Work to complete ::
Reproduce the lines below exactly. Skip images.

Records contained in a dataset:
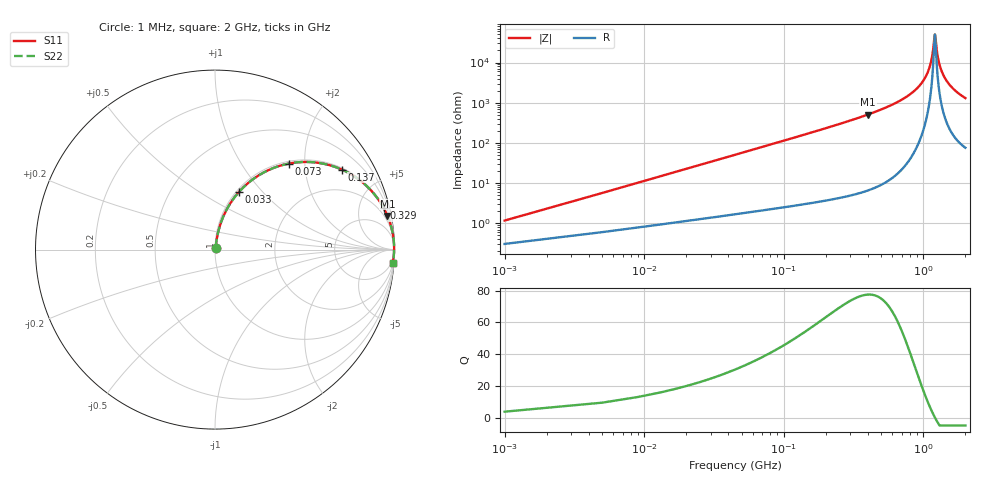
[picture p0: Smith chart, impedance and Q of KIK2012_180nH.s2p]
!version-2
!date-01.2022
!Series
# MHz S RI R 50
!Freq ReS11 ImS11 ReS21 ImS21 ReS12 ImS12 ReS22 ImS22
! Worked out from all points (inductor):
!   501 points, 1 MHz to 2 GHz, reference 50 ohm
!   read as one part in series: L = 180 nH near 9 MHz
!   highest Q = 77.5 at 401 MHz (marker M1), where L = 202 nH
!   self-resonance near 1.209 GHz
!   S11 on the Smith chart (normalised r, x): 1 MHz: 1.01, +0.02; 33 MHz: 1.03, +0.75; 73 MHz: 1.04, +1.66; 137 MHz: 1.06, +3.14; 329 MHz: 1.11, +8.04; 2 GHz: 3, -26
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1  0.00319 0.0112  0.9968 -0.0112  0.9968 -0.0112  0.00319 0.0112
13  0.0298 0.1413  0.9702 -0.1413  0.9702 -0.1413  0.0298 0.1413
21  0.0632 0.22  0.9368 -0.22  0.9368 -0.22  0.0632 0.22
33  0.1319 0.3196  0.8681 -0.3196  0.8681 -0.3196  0.1319 0.3196
73  0.4095 0.479  0.5905 -0.479  0.5905 -0.479  0.4095 0.479
137  0.7078 0.4455  0.2922 -0.4455  0.2922 -0.4455  0.7078 0.4455
213  0.857 0.3425  0.143 -0.3425  0.143 -0.3425  0.857 0.3425
329  0.939 0.2329  0.061 -0.2329  0.061 -0.2329  0.939 0.2329
337  0.942 0.2272  0.058 -0.2272  0.058 -0.2272  0.942 0.2272
401  0.9607 0.188  0.0393 -0.188  0.0393 -0.188  0.9607 0.188
669  0.9901 0.0907  0.00987 -0.0907  0.00987 -0.0907  0.9901 0.0907
1001  0.9976 0.0278  0.00243 -0.0278  0.00243 -0.0278  0.9976 0.0278
1073  0.9979 0.0175  0.00206 -0.0175  0.00206 -0.0175  0.9979 0.0175
1129  0.9981 0.0101  0.00195 -0.0101  0.00195 -0.0101  0.9981 0.0101
1165  0.9981 0.00551  0.00194 -0.00551  0.00194 -0.00551  0.9981 0.00551
1209  0.998 0.000117  0.00199 -0.000117  0.00199 -0.000117  0.998 0.000117
1217  0.998 -0.000842  0.00201 0.000842  0.00201 0.000842  0.998 -0.000842
1269  0.9978 -0.00693  0.00217 0.00693  0.00217 0.00693  0.9978 -0.00693
1337  0.9975 -0.0145  0.00249 0.0145  0.00249 0.0145  0.9975 -0.0145
1469  0.9966 -0.0283  0.00342 0.0283  0.00342 0.0283  0.9966 -0.0283
1669  0.9945 -0.0474  0.00548 0.0474  0.00548 0.0474  0.9945 -0.0474
2000  0.9898 -0.0754  0.0102 0.0754  0.0102 0.0754  0.9898 -0.0754

Your response ::
[picture p0: Smith chart, impedance and Q of KIK2012_180nH.s2p]
!version-2
!date-01.2022
!Series
# MHz S RI R 50
!Freq ReS11 ImS11 ReS21 ImS21 ReS12 ImS12 ReS22 ImS22
! Worked out from all points (inductor):
!   501 points, 1 MHz to 2 GHz, reference 50 ohm
!   read as one part in series: L = 180 nH near 9 MHz
!   highest Q = 77.5 at 401 MHz (marker M1), where L = 202 nH
!   self-resonance near 1.209 GHz
!   S11 on the Smith chart (normalised r, x): 1 MHz: 1.01, +0.02; 33 MHz: 1.03, +0.75; 73 MHz: 1.04, +1.66; 137 MHz: 1.06, +3.14; 329 MHz: 1.11, +8.04; 2 GHz: 3, -26
1  0.00319 0.0112  0.9968 -0.0112  0.9968 -0.0112  0.00319 0.0112
13  0.0298 0.1413  0.9702 -0.1413  0.9702 -0.1413  0.0298 0.1413
21  0.0632 0.22  0.9368 -0.22  0.9368 -0.22  0.0632 0.22
33  0.1319 0.3196  0.8681 -0.3196  0.8681 -0.3196  0.1319 0.3196
73  0.4095 0.479  0.5905 -0.479  0.5905 -0.479  0.4095 0.479
137  0.7078 0.4455  0.2922 -0.4455  0.2922 -0.4455  0.7078 0.4455
213  0.857 0.3425  0.143 -0.3425  0.143 -0.3425  0.857 0.3425
329  0.939 0.2329  0.061 -0.2329  0.061 -0.2329  0.939 0.2329
337  0.942 0.2272  0.058 -0.2272  0.058 -0.2272  0.942 0.2272
401  0.9607 0.188  0.0393 -0.188  0.0393 -0.188  0.9607 0.188
669  0.9901 0.0907  0.00987 -0.0907  0.00987 -0.0907  0.9901 0.0907
1001  0.9976 0.0278  0.00243 -0.0278  0.00243 -0.0278  0.9976 0.0278
1073  0.9979 0.0175  0.00206 -0.0175  0.00206 -0.0175  0.9979 0.0175
1129  0.9981 0.0101  0.00195 -0.0101  0.00195 -0.0101  0.9981 0.0101
1165  0.9981 0.00551  0.00194 -0.00551  0.00194 -0.00551  0.9981 0.00551
1209  0.998 0.000117  0.00199 -0.000117  0.00199 -0.000117  0.998 0.000117
1217  0.998 -0.000842  0.00201 0.000842  0.00201 0.000842  0.998 -0.000842
1269  0.9978 -0.00693  0.00217 0.00693  0.00217 0.00693  0.9978 -0.00693
1337  0.9975 -0.0145  0.00249 0.0145  0.00249 0.0145  0.9975 -0.0145
1469  0.9966 -0.0283  0.00342 0.0283  0.00342 0.0283  0.9966 -0.0283
1669  0.9945 -0.0474  0.00548 0.0474  0.00548 0.0474  0.9945 -0.0474
2000  0.9898 -0.0754  0.0102 0.0754  0.0102 0.0754  0.9898 -0.0754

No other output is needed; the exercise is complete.